Of all the lines in the records below, copy only those that contain the string "linetype".
Content starts
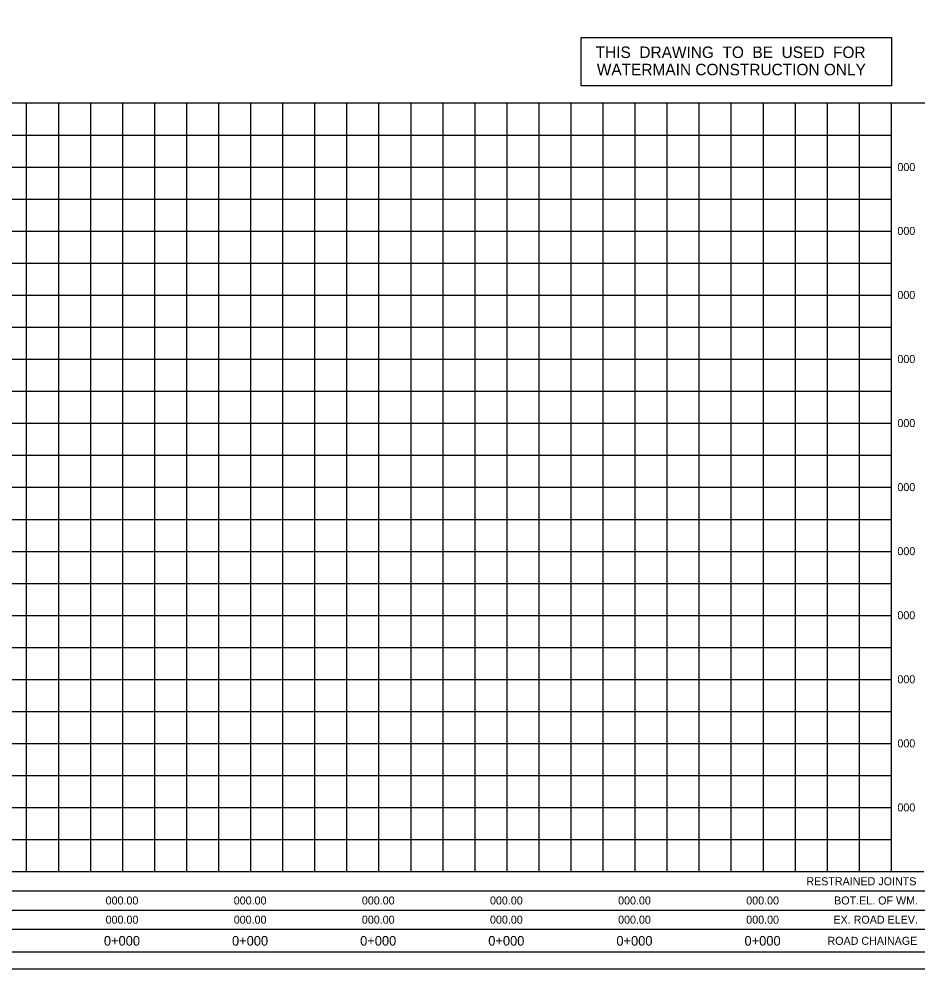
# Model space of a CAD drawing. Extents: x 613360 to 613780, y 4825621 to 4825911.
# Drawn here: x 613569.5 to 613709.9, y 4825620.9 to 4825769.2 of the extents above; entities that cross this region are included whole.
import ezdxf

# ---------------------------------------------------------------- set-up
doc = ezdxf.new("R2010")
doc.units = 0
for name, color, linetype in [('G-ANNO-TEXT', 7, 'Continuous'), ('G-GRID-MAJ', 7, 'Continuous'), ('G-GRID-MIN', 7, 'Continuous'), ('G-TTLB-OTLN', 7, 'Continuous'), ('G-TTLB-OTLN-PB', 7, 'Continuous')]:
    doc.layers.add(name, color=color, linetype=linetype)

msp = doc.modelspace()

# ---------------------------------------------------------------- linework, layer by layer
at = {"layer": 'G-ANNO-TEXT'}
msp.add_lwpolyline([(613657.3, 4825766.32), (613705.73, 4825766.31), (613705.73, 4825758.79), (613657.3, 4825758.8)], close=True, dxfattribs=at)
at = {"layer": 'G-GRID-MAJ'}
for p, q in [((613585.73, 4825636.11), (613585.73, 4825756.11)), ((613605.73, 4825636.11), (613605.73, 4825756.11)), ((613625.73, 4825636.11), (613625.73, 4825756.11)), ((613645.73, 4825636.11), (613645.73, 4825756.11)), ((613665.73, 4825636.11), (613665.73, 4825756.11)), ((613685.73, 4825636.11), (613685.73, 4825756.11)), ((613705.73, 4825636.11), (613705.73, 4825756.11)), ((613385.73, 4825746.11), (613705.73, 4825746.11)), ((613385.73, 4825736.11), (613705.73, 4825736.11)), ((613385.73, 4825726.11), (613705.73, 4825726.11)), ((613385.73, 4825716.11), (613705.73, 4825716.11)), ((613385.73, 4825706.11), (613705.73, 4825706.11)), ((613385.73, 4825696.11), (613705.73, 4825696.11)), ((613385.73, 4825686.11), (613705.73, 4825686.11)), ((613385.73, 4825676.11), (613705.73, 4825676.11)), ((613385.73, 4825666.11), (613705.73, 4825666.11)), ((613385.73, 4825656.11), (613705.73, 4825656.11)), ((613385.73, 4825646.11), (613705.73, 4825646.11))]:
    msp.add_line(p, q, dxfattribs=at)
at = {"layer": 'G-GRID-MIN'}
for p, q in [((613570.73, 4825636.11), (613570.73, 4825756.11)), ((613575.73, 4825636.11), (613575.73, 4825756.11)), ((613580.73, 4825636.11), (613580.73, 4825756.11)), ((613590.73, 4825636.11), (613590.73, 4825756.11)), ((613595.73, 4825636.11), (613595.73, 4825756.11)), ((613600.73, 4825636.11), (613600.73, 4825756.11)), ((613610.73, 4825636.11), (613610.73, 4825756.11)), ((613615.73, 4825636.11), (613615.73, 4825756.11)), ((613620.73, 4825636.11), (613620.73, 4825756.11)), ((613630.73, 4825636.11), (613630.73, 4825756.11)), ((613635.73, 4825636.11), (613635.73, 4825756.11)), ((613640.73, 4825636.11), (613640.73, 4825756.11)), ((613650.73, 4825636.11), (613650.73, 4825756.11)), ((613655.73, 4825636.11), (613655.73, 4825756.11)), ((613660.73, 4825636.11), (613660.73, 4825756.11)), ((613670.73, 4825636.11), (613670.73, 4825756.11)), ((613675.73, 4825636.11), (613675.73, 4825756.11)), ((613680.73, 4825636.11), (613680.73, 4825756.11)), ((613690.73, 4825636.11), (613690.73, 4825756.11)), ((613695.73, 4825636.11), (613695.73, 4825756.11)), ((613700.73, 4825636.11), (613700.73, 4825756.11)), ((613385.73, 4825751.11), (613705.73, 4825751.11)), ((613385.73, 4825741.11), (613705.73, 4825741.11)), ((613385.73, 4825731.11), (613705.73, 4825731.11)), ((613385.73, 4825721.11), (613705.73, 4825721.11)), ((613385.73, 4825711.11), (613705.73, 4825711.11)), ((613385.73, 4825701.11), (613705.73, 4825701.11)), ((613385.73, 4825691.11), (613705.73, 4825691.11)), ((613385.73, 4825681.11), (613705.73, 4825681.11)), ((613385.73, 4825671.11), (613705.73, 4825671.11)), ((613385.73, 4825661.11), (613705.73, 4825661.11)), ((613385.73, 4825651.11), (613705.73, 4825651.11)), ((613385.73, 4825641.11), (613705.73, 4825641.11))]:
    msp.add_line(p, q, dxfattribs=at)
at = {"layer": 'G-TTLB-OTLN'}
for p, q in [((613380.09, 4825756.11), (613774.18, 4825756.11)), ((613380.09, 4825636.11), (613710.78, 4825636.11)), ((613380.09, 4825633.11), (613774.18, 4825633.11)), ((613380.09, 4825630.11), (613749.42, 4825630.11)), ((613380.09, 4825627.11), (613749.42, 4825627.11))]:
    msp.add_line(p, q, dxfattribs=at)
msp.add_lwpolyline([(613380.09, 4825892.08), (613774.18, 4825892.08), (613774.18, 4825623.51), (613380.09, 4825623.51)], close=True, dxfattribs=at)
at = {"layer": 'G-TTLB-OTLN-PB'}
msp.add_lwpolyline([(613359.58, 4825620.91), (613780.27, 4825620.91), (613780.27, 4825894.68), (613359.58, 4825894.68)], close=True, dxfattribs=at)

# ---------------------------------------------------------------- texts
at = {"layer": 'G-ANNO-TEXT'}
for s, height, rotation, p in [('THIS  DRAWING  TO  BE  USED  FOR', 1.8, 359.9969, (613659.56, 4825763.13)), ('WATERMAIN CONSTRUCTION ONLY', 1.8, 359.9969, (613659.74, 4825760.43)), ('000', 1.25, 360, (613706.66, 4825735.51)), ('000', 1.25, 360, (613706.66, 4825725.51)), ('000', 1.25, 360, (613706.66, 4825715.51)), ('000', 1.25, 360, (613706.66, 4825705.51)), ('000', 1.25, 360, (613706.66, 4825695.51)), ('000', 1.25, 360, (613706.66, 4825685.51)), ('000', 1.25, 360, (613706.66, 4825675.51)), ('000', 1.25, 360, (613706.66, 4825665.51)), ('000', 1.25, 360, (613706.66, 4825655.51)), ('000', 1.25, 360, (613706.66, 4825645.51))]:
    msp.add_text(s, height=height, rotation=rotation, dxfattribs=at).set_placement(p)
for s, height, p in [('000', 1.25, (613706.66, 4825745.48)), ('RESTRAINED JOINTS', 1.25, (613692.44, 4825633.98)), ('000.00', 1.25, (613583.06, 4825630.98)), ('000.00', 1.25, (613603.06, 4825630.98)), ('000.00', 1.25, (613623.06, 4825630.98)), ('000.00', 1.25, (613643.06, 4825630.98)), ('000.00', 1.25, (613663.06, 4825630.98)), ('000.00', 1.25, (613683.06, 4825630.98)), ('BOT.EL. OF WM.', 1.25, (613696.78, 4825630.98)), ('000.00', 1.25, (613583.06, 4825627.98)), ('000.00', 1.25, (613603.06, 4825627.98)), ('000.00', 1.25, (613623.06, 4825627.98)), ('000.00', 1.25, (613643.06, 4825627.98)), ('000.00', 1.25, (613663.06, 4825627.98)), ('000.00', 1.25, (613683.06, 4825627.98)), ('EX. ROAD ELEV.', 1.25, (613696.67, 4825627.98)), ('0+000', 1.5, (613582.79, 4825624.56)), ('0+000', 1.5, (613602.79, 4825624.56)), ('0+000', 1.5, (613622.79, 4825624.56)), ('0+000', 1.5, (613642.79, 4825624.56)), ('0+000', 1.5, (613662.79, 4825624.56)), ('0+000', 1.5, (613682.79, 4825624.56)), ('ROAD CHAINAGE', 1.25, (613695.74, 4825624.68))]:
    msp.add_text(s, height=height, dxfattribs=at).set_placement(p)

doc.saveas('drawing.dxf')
Content ends
→ RESPONSE TO THIS EXERCISE
for name, color, linetype in [('G-ANNO-TEXT', 7, 'Continuous'), ('G-GRID-MAJ', 7, 'Continuous'), ('G-GRID-MIN', 7, 'Continuous'), ('G-TTLB-OTLN', 7, 'Continuous'), ('G-TTLB-OTLN-PB', 7, 'Continuous')]:
    doc.layers.add(name, color=color, linetype=linetype)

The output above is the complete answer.